# Bill Lins is kicked out of Target



## owls84

After Bill retired, his wife insisted that he accompany her on her trips to Target.  

Unfortunately, like most men, Bill found shopping boring and preferred to get in and get out. Equally unfortunate, his wife is like most women - she loves to browse.  

The other day Bill's dear wife received the following letter from the local Target:

Dear Mrs. Lins,  

Over the past six months, your husband has caused quite a commotion in our  store. We cannot tolerate this behavior and have been forced to ban both of you from the store. Our complaints against your husband, Mr. Lins, are listed below and are documented by our video surveillance cameras:  

1. June 15: He took 24 boxes of condoms and randomly put them in other people's carts when they weren't looking.  
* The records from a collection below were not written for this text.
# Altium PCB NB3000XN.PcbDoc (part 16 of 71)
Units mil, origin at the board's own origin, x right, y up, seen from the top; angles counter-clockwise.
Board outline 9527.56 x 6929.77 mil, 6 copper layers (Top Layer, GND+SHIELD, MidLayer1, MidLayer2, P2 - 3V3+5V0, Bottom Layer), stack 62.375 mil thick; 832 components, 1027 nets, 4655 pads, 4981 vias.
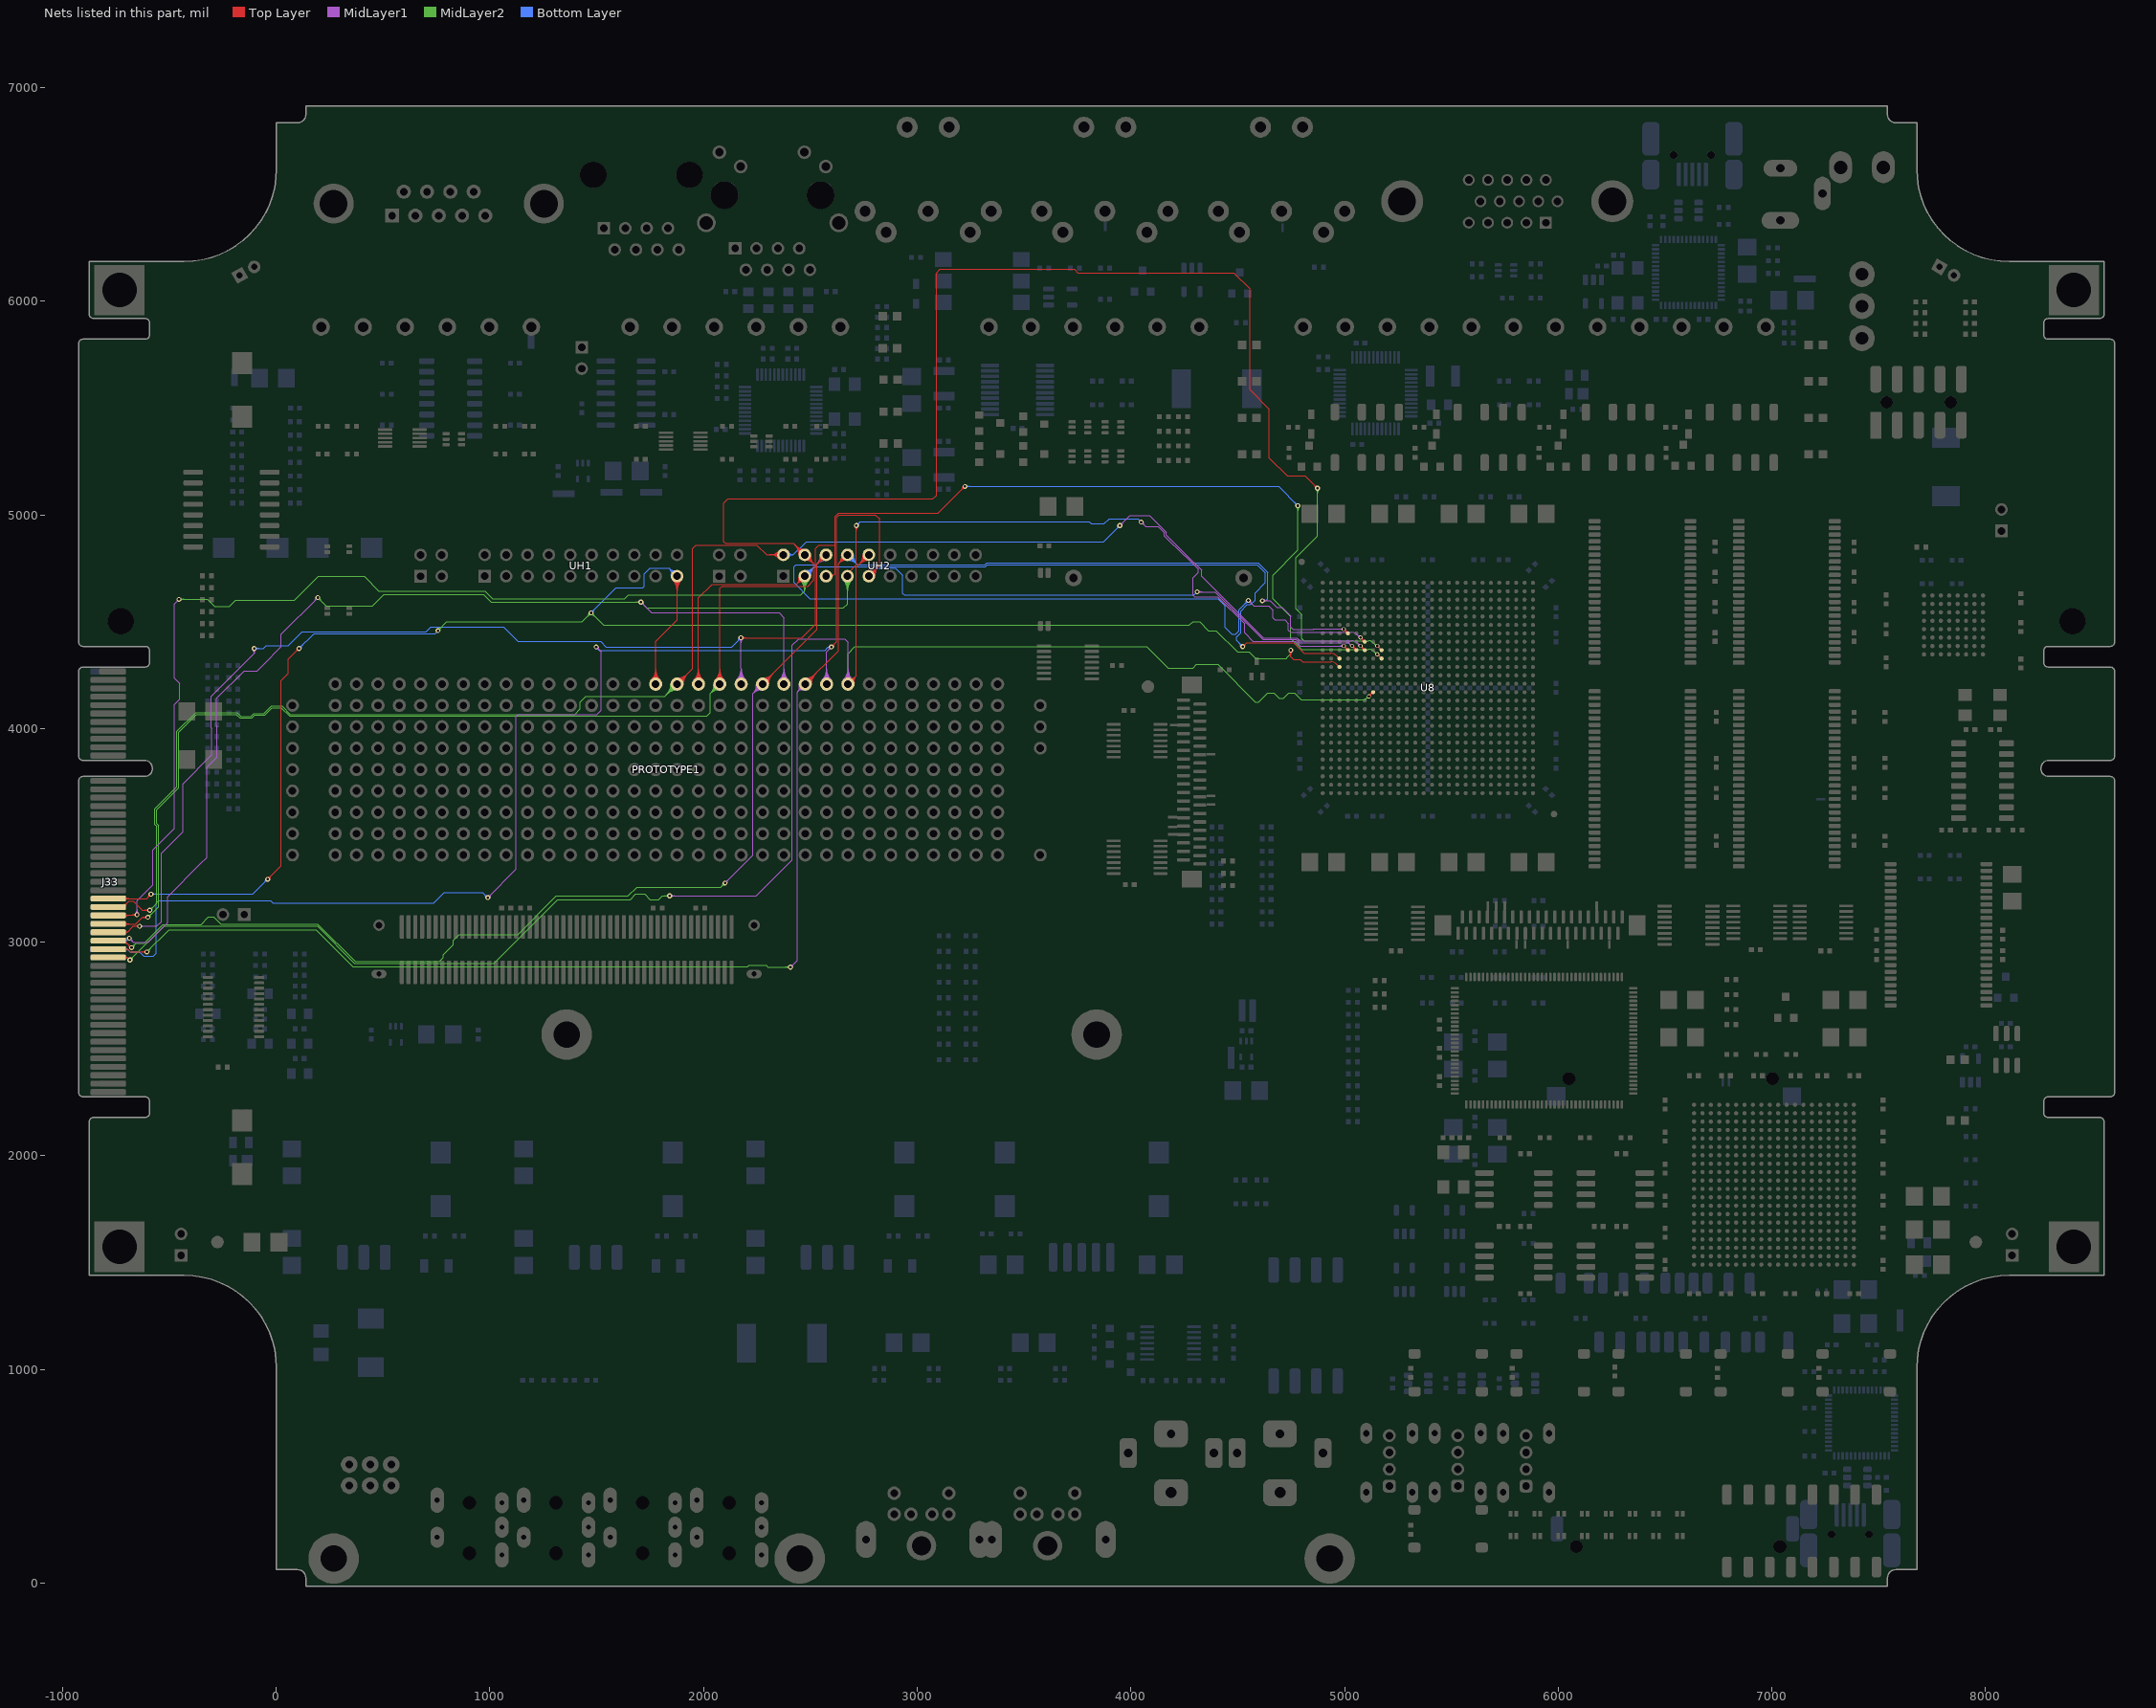
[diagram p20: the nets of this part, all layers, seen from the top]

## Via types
v1: diameter 23, hole 11.81, Top Layer to Bottom Layer, 3672 vias
v2: diameter 26, hole 11.81, Top Layer to Bottom Layer, 461 vias
v3: diameter 19, hole 11.81, Top Layer to Bottom Layer, tented both sides, 396 vias
v4: diameter 23.62, hole 11.81, Top Layer to Bottom Layer, 288 vias
v5: diameter 20, hole 11.81, Top Layer to Bottom Layer, 91 vias
v6: diameter 23, hole 11.81, Top Layer to Bottom Layer, tented both sides, 50 vias
v7: diameter 31, hole 11.81, Top Layer to Bottom Layer, 15 vias
v8: diameter 27.56, hole 11.81, Top Layer to Bottom Layer, tented both sides, 4 vias
v9: diameter 29, hole 11.81, Top Layer to Bottom Layer, 3 vias
v10: diameter 21, hole 11.81, Top Layer to Bottom Layer, 1 vias

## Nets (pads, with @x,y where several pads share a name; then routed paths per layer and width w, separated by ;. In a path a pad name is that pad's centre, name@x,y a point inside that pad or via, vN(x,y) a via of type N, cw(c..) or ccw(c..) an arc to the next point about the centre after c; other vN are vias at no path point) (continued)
ATE.UIO.IO17: J33.A26 PROTOTYPE1.H16 U8.L3 UH1.19 | length 9788.4
  Top Layer w4: J33.A26@-785.98,3204.04 -607.48,3204.04 v1(-586.48,3225.04) ; J33.A26@-711.58,3198.54 cw(c-698.3,3185.26) -698.3,3204.04 cw(c-698.3,3222.82) J33.A26@-711.58,3209.54 ; J33.A26@-708.76,3195.71 cw(c-688.65,3175.6) -688.65,3204.04 cw(c-688.65,3232.48) J33.A26@-708.76,3212.37 ; v1@-595.98,3225.04 cw(c-618.91,3225.04) -602.69,3208.82 cw(c-586.48,3192.61) v1@-586.48,3215.54 ; v1@-591.98,3225.04 cw(c-605.25,3225.04) -595.87,3215.65 cw(c-586.48,3206.26) v1@-586.48,3219.54 ; v1(-40,3295) 23.52,3358.52 23.52,4225.04 ; v1@-40,3300.5 ccw(c-40,3313.78) -30.61,3304.39 ccw(c-21.22,3295) v1@-34.5,3295 ; v1@-40,3304.5 ccw(c-40,3327.43) -23.78,3311.22 ccw(c-7.57,3295) v1@-30.5,3295 ; 43.96,4245.48 23.52,4225.04 ; v1@97.36,4375.04 cw(c74.42,4375.04) 90.64,4358.82 cw(c106.86,4342.61) v1@106.86,4365.54 ; v1@101.36,4375.04 cw(c88.08,4375.04) 97.47,4365.65 cw(c106.86,4356.26) v1@106.86,4369.54 ; v1(106.86,4375.04) 56.86,4325.04 56.86,4258.37 23.52,4225.04 ; PROTOTYPE1.H16@1755.62,4228.74 ccw(c1706.11,4278.25) 1776.12,4278.25 ccw(c1846.13,4278.25) PROTOTYPE1.H16@1796.63,4228.74 ; PROTOTYPE1.H16@1758.44,4225.91 ccw(c1715.77,4268.59) 1776.12,4268.59 ccw(c1836.48,4268.59) PROTOTYPE1.H16@1793.8,4225.91 ; PROTOTYPE1.H16@1761.27,4223.08 ccw(c1725.42,4258.93) 1776.12,4258.93 ccw(c1826.82,4258.93) PROTOTYPE1.H16@1790.97,4223.08 ; PROTOTYPE1.H16@1764.1,4220.26 ccw(c1735.08,4249.28) 1776.12,4249.28 ccw(c1817.16,4249.28) PROTOTYPE1.H16@1788.14,4220.26 ; PROTOTYPE1.H16@1766.93,4217.43 ccw(c1744.74,4239.62) 1776.12,4239.62 ccw(c1807.51,4239.62) PROTOTYPE1.H16@1785.31,4217.43 ; PROTOTYPE1.H16@1776.12,4208.23 1776.12,4408.37 1876.12,4508.37 UH1.19@1876.12,4713.23 ; UH1.19@1856.66,4693.77 cw(c1809.66,4646.78) 1876.12,4646.78 cw(c1942.58,4646.78) UH1.19@1895.59,4693.77 ; UH1.19@1859.48,4696.6 cw(c1819.32,4656.43) 1876.12,4656.43 cw(c1932.92,4656.43) UH1.19@1892.76,4696.6 ; UH1.19@1862.31,4699.43 cw(c1828.98,4666.09) 1876.12,4666.09 cw(c1923.26,4666.09) UH1.19@1889.93,4699.43 ; UH1.19@1865.14,4702.26 cw(c1838.63,4675.75) 1876.12,4675.75 cw(c1913.61,4675.75) UH1.19@1887.1,4702.26 ; v1@4741.81,4359.99 cw(c4725.59,4343.77) 4748.52,4343.77 cw(c4771.46,4343.77) v1@4755.24,4359.99 ; v1@4744.64,4362.82 cw(c4735.25,4353.43) 4748.52,4353.43 cw(c4761.8,4353.43) v1@4752.41,4362.82 ; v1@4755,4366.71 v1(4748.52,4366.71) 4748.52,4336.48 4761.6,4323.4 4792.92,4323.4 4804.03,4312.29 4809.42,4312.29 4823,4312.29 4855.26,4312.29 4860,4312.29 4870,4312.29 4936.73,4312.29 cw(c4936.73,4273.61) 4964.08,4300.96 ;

2. July 2: Set all the alarm clocks in Housewares to go off at 5-minute  
intervals.  

3. July 7: He made a trail of tomato juice on the floor leading to the women's restroom.  

4. July 19: Walked up to an employee and told her in an official voice, 'Code 3 in Housewares. Get on it right away'. This caused the employee to leave her assigned station and receive a reprimand from her Supervisor that in turn resulted with a union grievance, causing management to lose time and costing the company money.  

5. August 4: Went to the Service Desk and tried to put a bag of M&Ms on layaway.  

6. August 14: Moved a 'CAUTION - WET FLOOR' sign to a carpeted area.  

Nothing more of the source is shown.